The Rates They Are A-Changing
With inflation on the rise, Equity markets were rocked in January by a sharp adjustment in the bond market with US Treasuries suffering one of their worst months in decades. The explosion higher in rates weighed most heavily on high-multiple tech names that dominate the Nasdaq 100 index (-8.52% Jan) and also make up a large part of the S&P 500 (-5.17% Jan).
Reflecting the chronic nature of inflation and interest rates, much of January’s rise in VIX futures was spread evenly across the term structure, keeping acute crisis signals from firing until the equity decline worsened in the back half of the month.

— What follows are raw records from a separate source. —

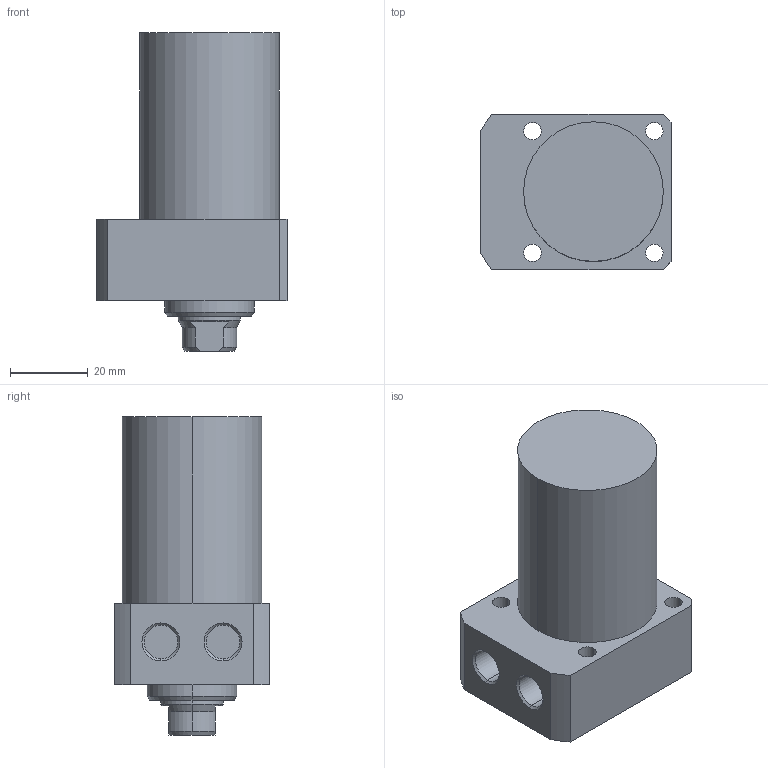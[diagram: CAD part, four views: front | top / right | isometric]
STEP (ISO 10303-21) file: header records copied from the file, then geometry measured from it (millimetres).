
FILE_DESCRIPTION (( 'STEP AP203' ), '1' );
FILE_NAME ('CLLR-036CA-040.STEP', '2019-12-20T00:31:43', ( '' ), ( '' ), 'SwSTEP 2.0', 'SolidWorks 2015', '' );
FILE_SCHEMA (( 'CONFIG_CONTROL_DESIGN' ));
Length unit declared in the file: millimetre
Products named in the file (1): CLLR-036CA-040
Bounding box: 49 x 40 x 82 mm (x, y, z)
Volume: 89561.7 mm3; surface area: 15508.5 mm2
Topology: 1 solids, 1 shells, 63 faces, 149 edges, 94 vertices
Faces by surface type: cylinder 29, plane 19, cone 15
Entity records: 1927 total; most frequent: DIRECTION 340, CARTESIAN_POINT 337, ORIENTED_EDGE 294, EDGE_CURVE 147, AXIS2_PLACEMENT_3D 137, VERTEX_POINT 94, EDGE_LOOP 79, CIRCLE 73
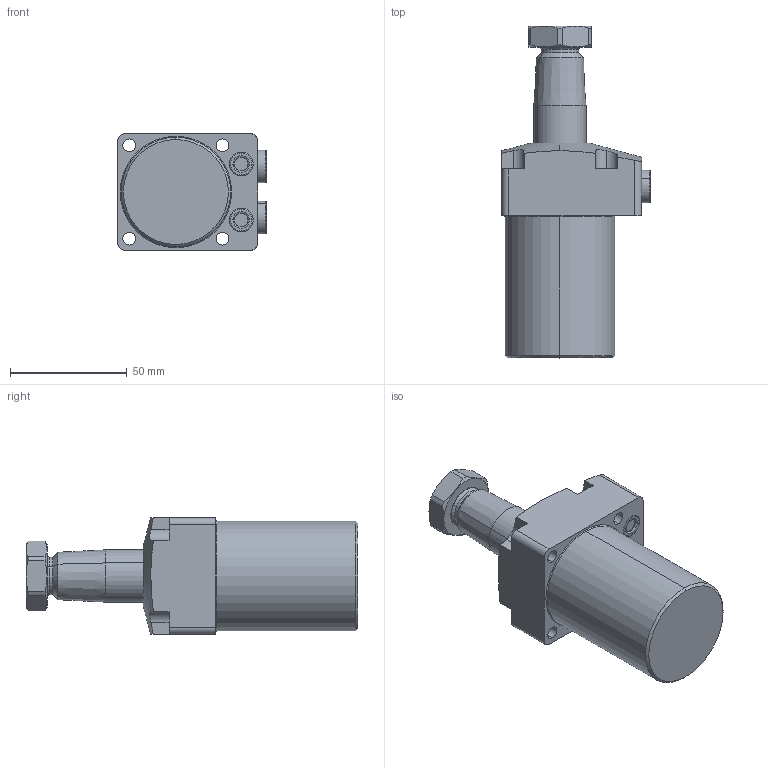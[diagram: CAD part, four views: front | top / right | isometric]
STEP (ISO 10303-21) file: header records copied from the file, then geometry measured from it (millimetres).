
FILE_DESCRIPTION(/* description */ (''),/* implementation_level */ '2;1');
FILE_NAME(/* name */ 'TRC04-RN30.stp',/* time_stamp */ '2025-01-04T09:28:06+08:00',/* author */ (''),/* organization */ (''),/* preprocessor_version */ 'ST-DEVELOPER v16.7',/* originating_system */ 'SIEMENS PLM Software NX 12.0',/* authorisation */ '');
FILE_SCHEMA (('AUTOMOTIVE_DESIGN { 1 0 10303 214 3 1 1 1 }'));
Length unit declared in the file: millimetre
Products named in the file (5): TRC04-RN30-04; TRC04-RN30-03; TRC04-RN30-02; TRC04-RN30-01; TRC04-RN30_stp
Assembly tree (5 placements, depth 2):
  TRC04-RN30_stp
    TRC04-RN30-01
    TRC04-RN30-02
    TRC04-RN30-03
    TRC04-RN30-04  x2
Bounding box: 63.8 x 142.3 x 50 mm (x, y, z)
Volume: 201715.1 mm3; surface area: 31919.7 mm2
Topology: 5 solids, 7 shells, 203 faces, 465 edges, 288 vertices
Faces by surface type: cylinder 73, plane 67, cone 40, torus 22, sphere 1
Entity records: 5434 total; most frequent: CARTESIAN_POINT 1110, DIRECTION 938, ORIENTED_EDGE 836, EDGE_CURVE 418, AXIS2_PLACEMENT_3D 386, VERTEX_POINT 260, EDGE_LOOP 206, CIRCLE 199
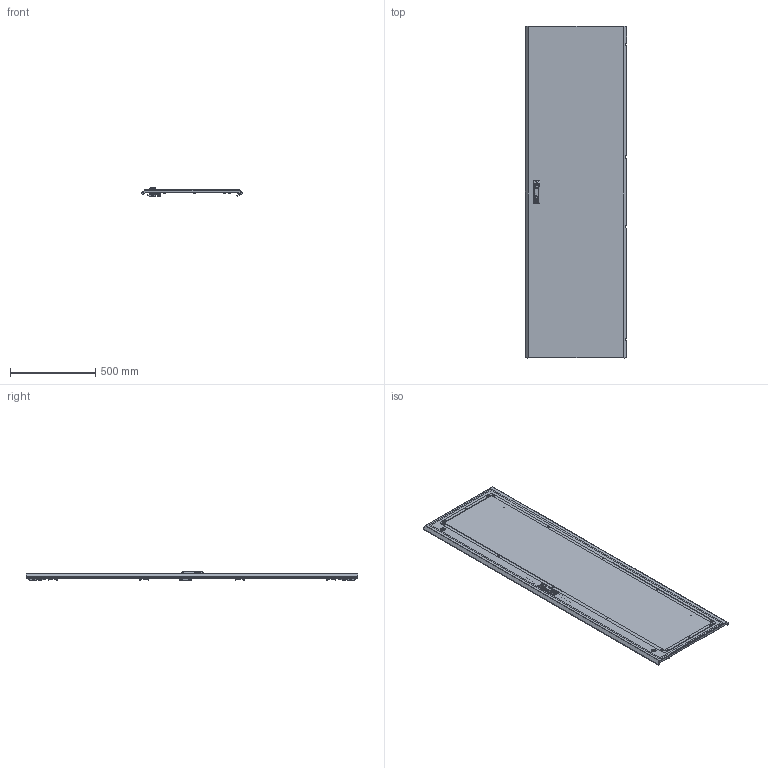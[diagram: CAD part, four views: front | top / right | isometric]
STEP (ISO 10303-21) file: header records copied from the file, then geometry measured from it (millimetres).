
FILE_DESCRIPTION (( 'STEP AP203' ), '1' );
FILE_NAME ('MA1.200.060620.30.00 AleSta-D20M600 Äâåðü ñïëîøíàÿ äëÿ øêàôîâ ALESTA ÂõØ 2000õ600.STEP', '2025-02-19T14:11:22', ( '' ), ( '' ), 'SwSTEP 2.0', 'SolidWorks 2021', '' );
FILE_SCHEMA (( 'CONFIG_CONTROL_DESIGN' ));
Length unit declared in the file: millimetre
Products named in the file (23): MA1.200.060620.31.04 需沐朦_惃％; MA1.200.060620.31.01 Ïîëîòíî äâåðè ñïëîøíîé 2000õ600_\‚=2000; MA1.200.060620.31.05 Óãëîâîé óïîð äâåðíîé òÿãè; MA1.200.060620.31.00 Äâåðü ñïëîøíàÿ äëÿ øêàôîâ ALESTA ÂõØ 2000õ600_2000å600; MS463-2-3(1); Øïèëüêà Ì6õ12_˜¯¨«ìª  Œ6å16; MA1.200.060620.31.02 Ðåéêà íà äâåðü âåðòèêàëüíàÿ Â = 2000_‚ =2000; MA1.200.060620.30.00 AleSta-D20M600 Äâåðü ñïëîøíàÿ äëÿ øêàôîâ ALESTA ÂõØ 2000õ600; Øïèëüêà Ì6õ12_˜¯¨«ìª  Œ6å20; MA1.200.060620.31.03 Ðåéêà íà äâåðü ãîðèçîíòàëüíàÿ Ø = 600_˜ = 600; 諘蜱齁罻 022 瀁錒瀔隮; Óïëîòíèòåëü ïàíåëè íèæíåé_‚=2000; êðåïëåíèå_êðóãëîé_òÿãè_RG1020-1.stp; äåðæàòåëü_êðóãëîé_òÿãèRG002-RG1010-2-i-RG1010-3-.stp; Îñü ïåòëè 4õ52_‚¨­â A.M4x0,5x40 ƒŽ‘’ 11644-75; Ãàéêà ñàìîêîíòðÿùàÿñÿ ñ íåéëîíîâîé âñòàâêîé Ì6 DIN 985, êëàññ ïðî÷íîñòè 8, îöèíêîâàííàÿ ñòàëü_Œ5; Âèíò_ðåçüáîâûäàâëèâàþùèé_Ì5õ12_DIN 7500E_Œ5å12; Âèíò ñàìîíàðåçàþùèé ñ ïîòàéíîé ãîëîâêîé Ì5x16 DIN 7500 M TORX, êëàññ ïðî÷íîñòè 8.8, îöèíêîâàííàÿ ñòàëü_Œ5å16; Áîëò øåñòèãðàííûé Ì5õ12 DIN 933, êëàññ ïðî÷íîñòè 8.8, îöèíêîâàííàÿ ñòàëü; Íàâåñêà íà êîðïóñ ïîä êëåïêó; òÿãà_lg001-2.STEP_‚=2000; MA1.200.060620.31.06 赶鎀鍧_100 洵; Ãàéêà ñàìîêîíòðÿùàÿñÿ ñ íåéëîíîâîé âñòàâêîé Ì6 DIN 985, êëàññ ïðî÷íîñòè 8, îöèíêîâàííàÿ ñòàëü_Œ6
Assembly tree (84 placements, depth 3):
  MA1.200.060620.30.00 AleSta-D20M600 Äâåðü ñïëîøíàÿ äëÿ øêàôîâ ALESTA ÂõØ 2000õ600
    MA1.200.060620.31.00 Äâåðü ñïëîøíàÿ äëÿ øêàôîâ ALESTA ÂõØ 2000õ600_2000å600
      MA1.200.060620.31.01 Ïîëîòíî äâåðè ñïëîøíîé 2000õ600_\‚=2000
      Óïëîòíèòåëü ïàíåëè íèæíåé_‚=2000
      Øïèëüêà Ì6õ12_˜¯¨«ìª  Œ6å20  x16
      Øïèëüêà Ì6õ12_˜¯¨«ìª  Œ6å16  x4
    MA1.200.060620.31.03 Ðåéêà íà äâåðü ãîðèçîíòàëüíàÿ Ø = 600_˜ = 600  x2
    諘蜱齁罻 022 瀁錒瀔隮  x4
    MA1.200.060620.31.02 Ðåéêà íà äâåðü âåðòèêàëüíàÿ Â = 2000_‚ =2000  x2
    äåðæàòåëü_êðóãëîé_òÿãèRG002-RG1010-2-i-RG1010-3-.stp  x2
    òÿãà_lg001-2.STEP_‚=2000  x2
    êðåïëåíèå_êðóãëîé_òÿãè_RG1020-1.stp  x2
    MS463-2-3(1)
    Ãàéêà ñàìîêîíòðÿùàÿñÿ ñ íåéëîíîâîé âñòàâêîé Ì6 DIN 985, êëàññ ïðî÷íîñòè 8, îöèíêîâàííàÿ ñòàëü_Œ6  x16
    Ãàéêà ñàìîêîíòðÿùàÿñÿ ñ íåéëîíîâîé âñòàâêîé Ì6 DIN 985, êëàññ ïðî÷íîñòè 8, îöèíêîâàííàÿ ñòàëü_Œ5  x2
    Áîëò øåñòèãðàííûé Ì5õ12 DIN 933, êëàññ ïðî÷íîñòè 8.8, îöèíêîâàííàÿ ñòàëü  x2
    MA1.200.060620.31.05 Óãëîâîé óïîð äâåðíîé òÿãè  x2
    Âèíò_ðåçüáîâûäàâëèâàþùèé_Ì5õ12_DIN 7500E_Œ5å12  x6
    Íàâåñêà íà êîðïóñ ïîä êëåïêó  x4
    Îñü ïåòëè 4õ52_‚¨­â A.M4x0,5x40 ƒŽ‘’ 11644-75  x4
    Âèíò ñàìîíàðåçàþùèé ñ ïîòàéíîé ãîëîâêîé Ì5x16 DIN 7500 M TORX, êëàññ ïðî÷íîñòè 8.8, îöèíêîâàííàÿ ñòàëü_Œ5å16  x8
    MA1.200.060620.31.04 需沐朦_惃％
    MA1.200.060620.31.06 赶鎀鍧_100 洵
Bounding box: 591.81 x 1945 x 52.53 mm (x, y, z)
Volume: 2689997.2 mm3; surface area: 3270721.7 mm2
Topology: 118 solids, 132 shells, 6101 faces, 15144 edges, 9228 vertices
Faces by surface type: plane 2445, cylinder 2439, bspline 661, cone 261, torus 197, sphere 98
Entity records: 139586 total; most frequent: CARTESIAN_POINT 58828, ORIENTED_EDGE 16314, DIRECTION 15337, EDGE_CURVE 8174, AXIS2_PLACEMENT_3D 5483, VERTEX_POINT 5108, VECTOR 4371, LINE 4371

VIX hedges were accordingly deployed in TCM strategies beginning on Jan 14, resulting in 1.5% outperformance by 1/27 for risk-managed indexing strategies (see chart below) before a a furious 2-day equity rally closed the gap by the end of the month.
Benefitting from its nimbleness during January’s wide range, Alpha Seeker (+2.1% Jan) had its best month since August and at the market’s low on 1/27 was ahead of both the S&P and Nasdaq indexes over the previous 6 months. With equities on their heels, the benefit of low correlation often becomes clearer.
Overall, January has many parallels with October 2018, the last Treasury-led correction for equities that produced similar results in stocks and the VIX. In retrospect, that experience was just the warning shot before clearer alarm bells in VIX and substantial hedging gains during the plunge in December that year. With the Fed widely expected to begin hiking rates in March, the stage may be set for more turbulence in 2022.